◆ ENTRIES SHOWN ◆
== Segment start ==

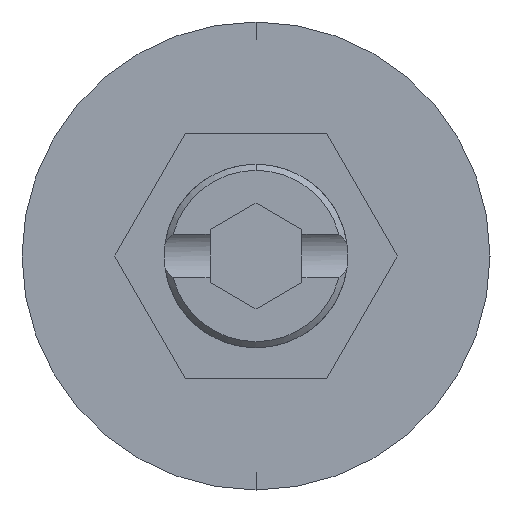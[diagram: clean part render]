
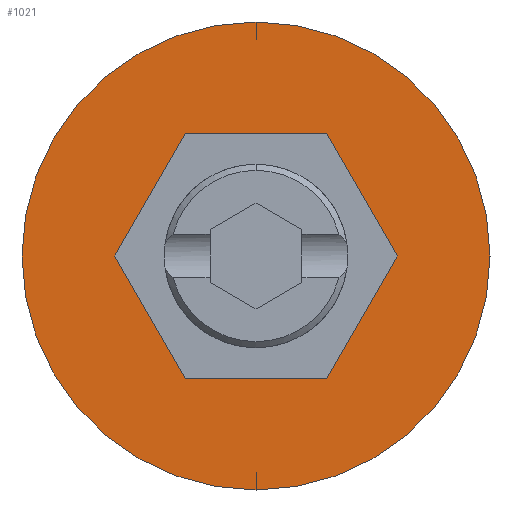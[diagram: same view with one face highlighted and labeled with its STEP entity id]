
A CAD part, front view. The second image highlights one B-rep face of the part: STEP entity #1021.
In plain terms, the highlighted planar face has unit normal (0, -1, 0).
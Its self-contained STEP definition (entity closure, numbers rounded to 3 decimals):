
#19 = ORIENTED_EDGE ( 'NONE', *, *, #513, .F. ) ;
#31 = AXIS2_PLACEMENT_3D ( 'NONE', #1168, #1155, #974 ) ;
#116 = DIRECTION ( 'NONE',  ( -1., 0., 0. ) ) ;
#148 = FACE_BOUND ( 'NONE', #2082, .T. ) ;
#168 = CARTESIAN_POINT ( 'NONE',  ( -2.309, 0., -4. ) ) ;
#199 = DIRECTION ( 'NONE',  ( 1., 0., 0. ) ) ;
#203 = ORIENTED_EDGE ( 'NONE', *, *, #1890, .F. ) ;
#244 = EDGE_LOOP ( 'NONE', ( #1533, #1683 ) ) ;
#307 = CARTESIAN_POINT ( 'NONE',  ( 2.309, 0., 4. ) ) ;
#342 = LINE ( 'NONE', #600, #2081 ) ;
#417 = VECTOR ( 'NONE', #1322, 1000. ) ;
#420 = DIRECTION ( 'NONE',  ( 0., 0., -1. ) ) ;
#513 = EDGE_CURVE ( 'NONE', #908, #893, #2025, .T. ) ;
#556 = EDGE_CURVE ( 'NONE', #984, #908, #636, .T. ) ;
#564 = VERTEX_POINT ( 'NONE', #1419 ) ;
#600 = CARTESIAN_POINT ( 'NONE',  ( 2.309, 0., 4. ) ) ;
#608 = DIRECTION ( 'NONE',  ( 0., -1., 0. ) ) ;
#636 = LINE ( 'NONE', #1411, #417 ) ;
#662 = VECTOR ( 'NONE', #199, 1000. ) ;
#738 = FACE_OUTER_BOUND ( 'NONE', #244, .T. ) ;
#804 = ORIENTED_EDGE ( 'NONE', *, *, #2140, .F. ) ;
#855 = CARTESIAN_POINT ( 'NONE',  ( -2.309, 0., -4. ) ) ;
#893 = VERTEX_POINT ( 'NONE', #307 ) ;
#908 = VERTEX_POINT ( 'NONE', #2154 ) ;
#928 = VECTOR ( 'NONE', #1256, 1000. ) ;
#974 = DIRECTION ( 'NONE',  ( 0., 0., -1. ) ) ;
#977 = CARTESIAN_POINT ( 'NONE',  ( -2.309, 0., 4. ) ) ;
#984 = VERTEX_POINT ( 'NONE', #2075 ) ;
#992 = VECTOR ( 'NONE', #2150, 1000. ) ;
#1021 = ADVANCED_FACE ( 'NONE', ( #148, #738 ), #1892, .T. ) ;
#1126 = CARTESIAN_POINT ( 'NONE',  ( 4.619, 0., 0. ) ) ;
#1155 = DIRECTION ( 'NONE',  ( 0., -1., 0. ) ) ;
#1168 = CARTESIAN_POINT ( 'NONE',  ( 0., 0., 0. ) ) ;
#1202 = AXIS2_PLACEMENT_3D ( 'NONE', #1216, #608, #1360 ) ;
#1216 = CARTESIAN_POINT ( 'NONE',  ( 0., 0., 0. ) ) ;
#1256 = DIRECTION ( 'NONE',  ( -0.5, 0., 0.866 ) ) ;
#1322 = DIRECTION ( 'NONE',  ( 0.5, 0., 0.866 ) ) ;
#1329 = CIRCLE ( 'NONE', #1202, 7.65 ) ;
#1337 = EDGE_CURVE ( 'NONE', #1423, #1378, #1685, .T. ) ;
#1356 = VERTEX_POINT ( 'NONE', #1598 ) ;
#1360 = DIRECTION ( 'NONE',  ( 0., 0., -1. ) ) ;
#1377 = EDGE_CURVE ( 'NONE', #564, #1356, #1633, .T. ) ;
#1378 = VERTEX_POINT ( 'NONE', #1975 ) ;
#1404 = AXIS2_PLACEMENT_3D ( 'NONE', #1954, #1939, #420 ) ;
#1411 = CARTESIAN_POINT ( 'NONE',  ( 2.309, 0., -4. ) ) ;
#1419 = CARTESIAN_POINT ( 'NONE',  ( 0., 0., -7.65 ) ) ;
#1423 = VERTEX_POINT ( 'NONE', #977 ) ;
#1443 = LINE ( 'NONE', #2104, #992 ) ;
#1446 = EDGE_CURVE ( 'NONE', #1356, #564, #1329, .T. ) ;
#1457 = VERTEX_POINT ( 'NONE', #855 ) ;
#1507 = EDGE_CURVE ( 'NONE', #893, #1423, #342, .T. ) ;
#1533 = ORIENTED_EDGE ( 'NONE', *, *, #1377, .T. ) ;
#1556 = ORIENTED_EDGE ( 'NONE', *, *, #1337, .F. ) ;
#1598 = CARTESIAN_POINT ( 'NONE',  ( 0., 0., 7.65 ) ) ;
#1633 = CIRCLE ( 'NONE', #31, 7.65 ) ;
#1683 = ORIENTED_EDGE ( 'NONE', *, *, #1446, .T. ) ;
#1685 = LINE ( 'NONE', #1937, #1773 ) ;
#1773 = VECTOR ( 'NONE', #2105, 1000. ) ;
#1820 = ORIENTED_EDGE ( 'NONE', *, *, #1507, .F. ) ;
#1890 = EDGE_CURVE ( 'NONE', #1378, #1457, #1443, .T. ) ;
#1892 = PLANE ( 'NONE',  #1404 ) ;
#1937 = CARTESIAN_POINT ( 'NONE',  ( -2.309, 0., 4. ) ) ;
#1939 = DIRECTION ( 'NONE',  ( 0., -1., 0. ) ) ;
#1954 = CARTESIAN_POINT ( 'NONE',  ( 0., 0., 0. ) ) ;
#1975 = CARTESIAN_POINT ( 'NONE',  ( -4.619, 0., 0. ) ) ;
#1999 = LINE ( 'NONE', #168, #662 ) ;
#2025 = LINE ( 'NONE', #1126, #928 ) ;
#2075 = CARTESIAN_POINT ( 'NONE',  ( 2.309, 0., -4. ) ) ;
#2081 = VECTOR ( 'NONE', #116, 1000. ) ;
#2082 = EDGE_LOOP ( 'NONE', ( #804, #203, #1556, #1820, #19, #2161 ) ) ;
#2104 = CARTESIAN_POINT ( 'NONE',  ( -4.619, 0., 0. ) ) ;
#2105 = DIRECTION ( 'NONE',  ( -0.5, 0., -0.866 ) ) ;
#2140 = EDGE_CURVE ( 'NONE', #1457, #984, #1999, .T. ) ;
#2150 = DIRECTION ( 'NONE',  ( 0.5, 0., -0.866 ) ) ;
#2154 = CARTESIAN_POINT ( 'NONE',  ( 4.619, 0., 0. ) ) ;
#2161 = ORIENTED_EDGE ( 'NONE', *, *, #556, .F. ) ;

== Segment end ==

Type out the entries again without a single change, and leave the pictures out.

◆ SOLUTION TO THE PROBLEM ◆
[diagram: clean part render]
[diagram: same view with one face highlighted and labeled with its STEP entity id]
A CAD part, front view. The second image highlights one B-rep face of the part: STEP entity #1021.
In plain terms, the highlighted planar face has unit normal (0, -1, 0).
Its self-contained STEP definition (entity closure, numbers rounded to 3 decimals):
#19 = ORIENTED_EDGE ( 'NONE', *, *, #513, .F. ) ;
#31 = AXIS2_PLACEMENT_3D ( 'NONE', #1168, #1155, #974 ) ;
#116 = DIRECTION ( 'NONE',  ( -1., 0., 0. ) ) ;
#148 = FACE_BOUND ( 'NONE', #2082, .T. ) ;
#168 = CARTESIAN_POINT ( 'NONE',  ( -2.309, 0., -4. ) ) ;
#199 = DIRECTION ( 'NONE',  ( 1., 0., 0. ) ) ;
#203 = ORIENTED_EDGE ( 'NONE', *, *, #1890, .F. ) ;
#244 = EDGE_LOOP ( 'NONE', ( #1533, #1683 ) ) ;
#307 = CARTESIAN_POINT ( 'NONE',  ( 2.309, 0., 4. ) ) ;
#342 = LINE ( 'NONE', #600, #2081 ) ;
#417 = VECTOR ( 'NONE', #1322, 1000. ) ;
#420 = DIRECTION ( 'NONE',  ( 0., 0., -1. ) ) ;
#513 = EDGE_CURVE ( 'NONE', #908, #893, #2025, .T. ) ;
#556 = EDGE_CURVE ( 'NONE', #984, #908, #636, .T. ) ;
#564 = VERTEX_POINT ( 'NONE', #1419 ) ;
#600 = CARTESIAN_POINT ( 'NONE',  ( 2.309, 0., 4. ) ) ;
#608 = DIRECTION ( 'NONE',  ( 0., -1., 0. ) ) ;
#636 = LINE ( 'NONE', #1411, #417 ) ;
#662 = VECTOR ( 'NONE', #199, 1000. ) ;
#738 = FACE_OUTER_BOUND ( 'NONE', #244, .T. ) ;
#804 = ORIENTED_EDGE ( 'NONE', *, *, #2140, .F. ) ;
#855 = CARTESIAN_POINT ( 'NONE',  ( -2.309, 0., -4. ) ) ;
#893 = VERTEX_POINT ( 'NONE', #307 ) ;
#908 = VERTEX_POINT ( 'NONE', #2154 ) ;
#928 = VECTOR ( 'NONE', #1256, 1000. ) ;
#974 = DIRECTION ( 'NONE',  ( 0., 0., -1. ) ) ;
#977 = CARTESIAN_POINT ( 'NONE',  ( -2.309, 0., 4. ) ) ;
#984 = VERTEX_POINT ( 'NONE', #2075 ) ;
#992 = VECTOR ( 'NONE', #2150, 1000. ) ;
#1021 = ADVANCED_FACE ( 'NONE', ( #148, #738 ), #1892, .T. ) ;
#1126 = CARTESIAN_POINT ( 'NONE',  ( 4.619, 0., 0. ) ) ;
#1155 = DIRECTION ( 'NONE',  ( 0., -1., 0. ) ) ;
#1168 = CARTESIAN_POINT ( 'NONE',  ( 0., 0., 0. ) ) ;
#1202 = AXIS2_PLACEMENT_3D ( 'NONE', #1216, #608, #1360 ) ;
#1216 = CARTESIAN_POINT ( 'NONE',  ( 0., 0., 0. ) ) ;
#1256 = DIRECTION ( 'NONE',  ( -0.5, 0., 0.866 ) ) ;
#1322 = DIRECTION ( 'NONE',  ( 0.5, 0., 0.866 ) ) ;
#1329 = CIRCLE ( 'NONE', #1202, 7.65 ) ;
#1337 = EDGE_CURVE ( 'NONE', #1423, #1378, #1685, .T. ) ;
#1356 = VERTEX_POINT ( 'NONE', #1598 ) ;
#1360 = DIRECTION ( 'NONE',  ( 0., 0., -1. ) ) ;
#1377 = EDGE_CURVE ( 'NONE', #564, #1356, #1633, .T. ) ;
#1378 = VERTEX_POINT ( 'NONE', #1975 ) ;
#1404 = AXIS2_PLACEMENT_3D ( 'NONE', #1954, #1939, #420 ) ;
#1411 = CARTESIAN_POINT ( 'NONE',  ( 2.309, 0., -4. ) ) ;
#1419 = CARTESIAN_POINT ( 'NONE',  ( 0., 0., -7.65 ) ) ;
#1423 = VERTEX_POINT ( 'NONE', #977 ) ;
#1443 = LINE ( 'NONE', #2104, #992 ) ;
#1446 = EDGE_CURVE ( 'NONE', #1356, #564, #1329, .T. ) ;
#1457 = VERTEX_POINT ( 'NONE', #855 ) ;
#1507 = EDGE_CURVE ( 'NONE', #893, #1423, #342, .T. ) ;
#1533 = ORIENTED_EDGE ( 'NONE', *, *, #1377, .T. ) ;
#1556 = ORIENTED_EDGE ( 'NONE', *, *, #1337, .F. ) ;
#1598 = CARTESIAN_POINT ( 'NONE',  ( 0., 0., 7.65 ) ) ;
#1633 = CIRCLE ( 'NONE', #31, 7.65 ) ;
#1683 = ORIENTED_EDGE ( 'NONE', *, *, #1446, .T. ) ;
#1685 = LINE ( 'NONE', #1937, #1773 ) ;
#1773 = VECTOR ( 'NONE', #2105, 1000. ) ;
#1820 = ORIENTED_EDGE ( 'NONE', *, *, #1507, .F. ) ;
#1890 = EDGE_CURVE ( 'NONE', #1378, #1457, #1443, .T. ) ;
#1892 = PLANE ( 'NONE',  #1404 ) ;
#1937 = CARTESIAN_POINT ( 'NONE',  ( -2.309, 0., 4. ) ) ;
#1939 = DIRECTION ( 'NONE',  ( 0., -1., 0. ) ) ;
#1954 = CARTESIAN_POINT ( 'NONE',  ( 0., 0., 0. ) ) ;
#1975 = CARTESIAN_POINT ( 'NONE',  ( -4.619, 0., 0. ) ) ;
#1999 = LINE ( 'NONE', #168, #662 ) ;
#2025 = LINE ( 'NONE', #1126, #928 ) ;
#2075 = CARTESIAN_POINT ( 'NONE',  ( 2.309, 0., -4. ) ) ;
#2081 = VECTOR ( 'NONE', #116, 1000. ) ;
#2082 = EDGE_LOOP ( 'NONE', ( #804, #203, #1556, #1820, #19, #2161 ) ) ;
#2104 = CARTESIAN_POINT ( 'NONE',  ( -4.619, 0., 0. ) ) ;
#2105 = DIRECTION ( 'NONE',  ( -0.5, 0., -0.866 ) ) ;
#2140 = EDGE_CURVE ( 'NONE', #1457, #984, #1999, .T. ) ;
#2150 = DIRECTION ( 'NONE',  ( 0.5, 0., -0.866 ) ) ;
#2154 = CARTESIAN_POINT ( 'NONE',  ( 4.619, 0., 0. ) ) ;
#2161 = ORIENTED_EDGE ( 'NONE', *, *, #556, .F. ) ;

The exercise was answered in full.